[Excerpts from a dataset]

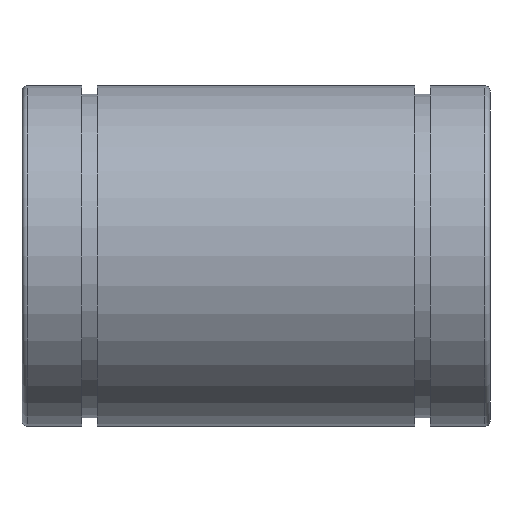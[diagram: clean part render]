
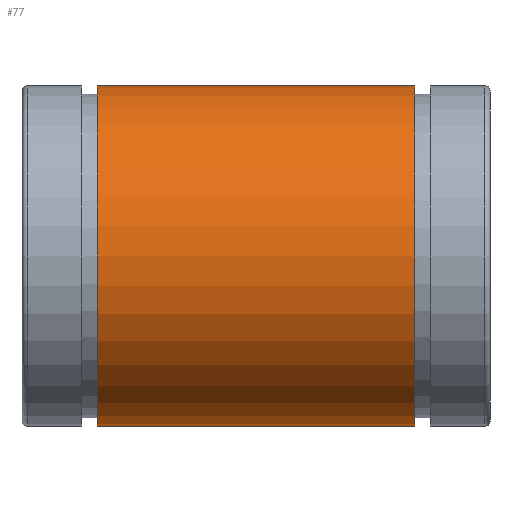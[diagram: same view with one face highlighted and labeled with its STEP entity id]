
A CAD part, front view. The second image highlights one B-rep face of the part: STEP entity #77.
In plain terms, the highlighted cylindrical face has radius 20 mm (diameter 40 mm), a full revolution.
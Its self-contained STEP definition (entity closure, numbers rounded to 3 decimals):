
#77=ADVANCED_FACE('',(#96,#97),#98,.T.);
#96=FACE_OUTER_BOUND('',#138,.T.);
#97=FACE_OUTER_BOUND('',#139,.T.);
#98=CYLINDRICAL_SURFACE('',#140,20.0);
#138=EDGE_LOOP('',(#184));
#139=EDGE_LOOP('',(#185));
#140=AXIS2_PLACEMENT_3D('',#186,#187,#188);
#184=ORIENTED_EDGE('',*,*,#247,.F.);
#185=ORIENTED_EDGE('',*,*,#248,.F.);
#186=CARTESIAN_POINT('',(0.,0.0,0.0));
#187=DIRECTION('',(1.0,-0.0,-0.0));
#188=DIRECTION('',(0.0,1.0,0.0));
#247=EDGE_CURVE('',#264,#264,#265,.T.);
#248=EDGE_CURVE('',#266,#266,#267,.T.);
#264=VERTEX_POINT('',#292);
#265=CIRCLE('',#293,20.0);
#266=VERTEX_POINT('',#294);
#267=CIRCLE('',#295,20.0);
#292=CARTESIAN_POINT('',(18.65,20.0,0.0));
#293=AXIS2_PLACEMENT_3D('',#323,#324,#325);
#294=CARTESIAN_POINT('',(-18.65,-20.0,0.0));
#295=AXIS2_PLACEMENT_3D('',#326,#327,#328);
#323=CARTESIAN_POINT('',(18.65,0.0,0.0));
#324=DIRECTION('',(1.0,0.0,0.0));
#325=DIRECTION('',(0.0,1.0,0.0));
#326=CARTESIAN_POINT('',(-18.65,0.0,0.0));
#327=DIRECTION('',(-1.0,0.0,0.0));
#328=DIRECTION('',(0.0,-1.0,0.0));

> [EXERCISE GOAL]: From the line holding "#325=DIRECTION('',(0.0,1.0,0.0));" to the last line of the records, quote each line exactly and add nothing.

> [TASK RESULT]:
#325=DIRECTION('',(0.0,1.0,0.0));
#326=CARTESIAN_POINT('',(-18.65,0.0,0.0));
#327=DIRECTION('',(-1.0,0.0,0.0));
#328=DIRECTION('',(0.0,-1.0,0.0));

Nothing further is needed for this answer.